Сравнение можно было бы продолжить, но управляющий отобрал у меня бинокль. Плотоядно, не отрываясь, он следил за тем, как купальщицы распускают собранные узлом на затылке волосы и одеваются.
– Какова?!
– Мне хотелось бы иметь такую сестрёнку, – искренне ответил я, но Штер воззрился на меня как на умалишённого. Стало ясно – речь шла не о Трудхен и чтобы заполнить неловкую паузу, я задал старику вопрос о двустволке.

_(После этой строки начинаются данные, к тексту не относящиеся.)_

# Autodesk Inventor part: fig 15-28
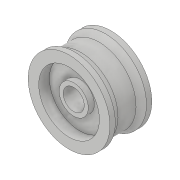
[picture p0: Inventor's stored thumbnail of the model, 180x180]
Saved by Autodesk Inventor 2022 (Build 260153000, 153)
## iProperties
Created: 2018-03
Part Number: fig 15-28
Material: Generic
Document SubType Name: Modeling
Designer: CADCIM 00
Density: 1 g/cm^3
Appearance: Default
Author: CADCIM 00
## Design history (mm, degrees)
sketch "Sketch1"
  geometry: L1 (3.327, 5.31)-(3.327, -4.99); L2 (3.327, -4.99)-(4.606, -4.99); L3 (4.606, -4.99)-(4.606, -3.071); L4 (4.606, -3.071)-(9.597, -3.071); L5 (9.597, -3.071)-(9.597, -6.462); L6 (9.597, -6.462)-(12.924, -6.462); L7 (12.924, -6.462)-(12.924, -4.766); L8 (12.924, -4.766)-(11.708, -2.687); L9 (11.708, -2.687)-(11.708, 0.16); L10 (11.708, 0.16)-(3.327, 0.16); L11 (3.327, 5.31)-(4.606, 5.31); L12 (4.606, 5.31)-(4.606, 3.391); L13 (4.606, 3.391)-(9.597, 3.391); L14 (9.597, 3.391)-(9.597, 6.782); L15 (9.597, 6.782)-(12.924, 6.782); L16 (12.924, 6.782)-(12.924, 5.086); L17 (12.924, 5.086)-(11.708, 3.007); L18 (11.708, 3.007)-(11.708, 0.16); L19 (0, 7.901)-(0, -9.532); 1 further point
  constraints: 38 end point, 7 symmetric about line, 6 perpendicular, 2 vertical, 1 midpoint, 1 parallel
revolve "Revolution1" sketch "Sketch1" stored, may be unused: angle "d0" = 90 deg
body "Solid1"

Оказалось, что наслышанные о его невинной слабости, сельские мальчишки ряженные в платки и платья наведываются на дальний берег (где случается плещутся местные крестьянки). Долго жеманясь, пробуют воду, потом будто раздеваясь, стоя спиной к озеру, поднимают юбки и когда цейсовская оптика начинает плавиться в руках управляющего, с хохотом поворачиваются к нему лицом. В ответ разъярённый старик палит в безобразников из дробовика крупной солью.
* * *
Скоро Эва в сопровождении Трудхен проследовала через двор. К обеду она не спустилась и мне стало не по себе. Испорченная рукопись никак не шла из головы и заглянув на кухню я, на всякий случай, поинтересовался у девочки, не знает ли та, где фрейлейн Ангальт. Но, Трудхен, низко наклонившись над своей тарелкой, лишь замотала головой, громко хлюпая супом. В её исчерпывающем ответе мне послышалось с детства знакомое: «Разве я сторож брату моему?» и полон самых чёрных подозрений, я отправился на розыски. Хотя, «розыски» – сильно сказано, если Эва и заблудилась, то уж верно не на лугу перед замком. Я пошёл в парк и не ошибся, у дальнего, заболоченного края озера до меня донеслись слабые крики. Точно определить направление не позволял ветер, дувший со стороны замка, но нехорошая догадка вывела меня к знакомой тропе. И уж совсем рядом со злополучной ямой, словно в подтверждение самых худших моих предположений, я снова услышал срывающийся, взывавший о помощи, голос и бросился вперёд.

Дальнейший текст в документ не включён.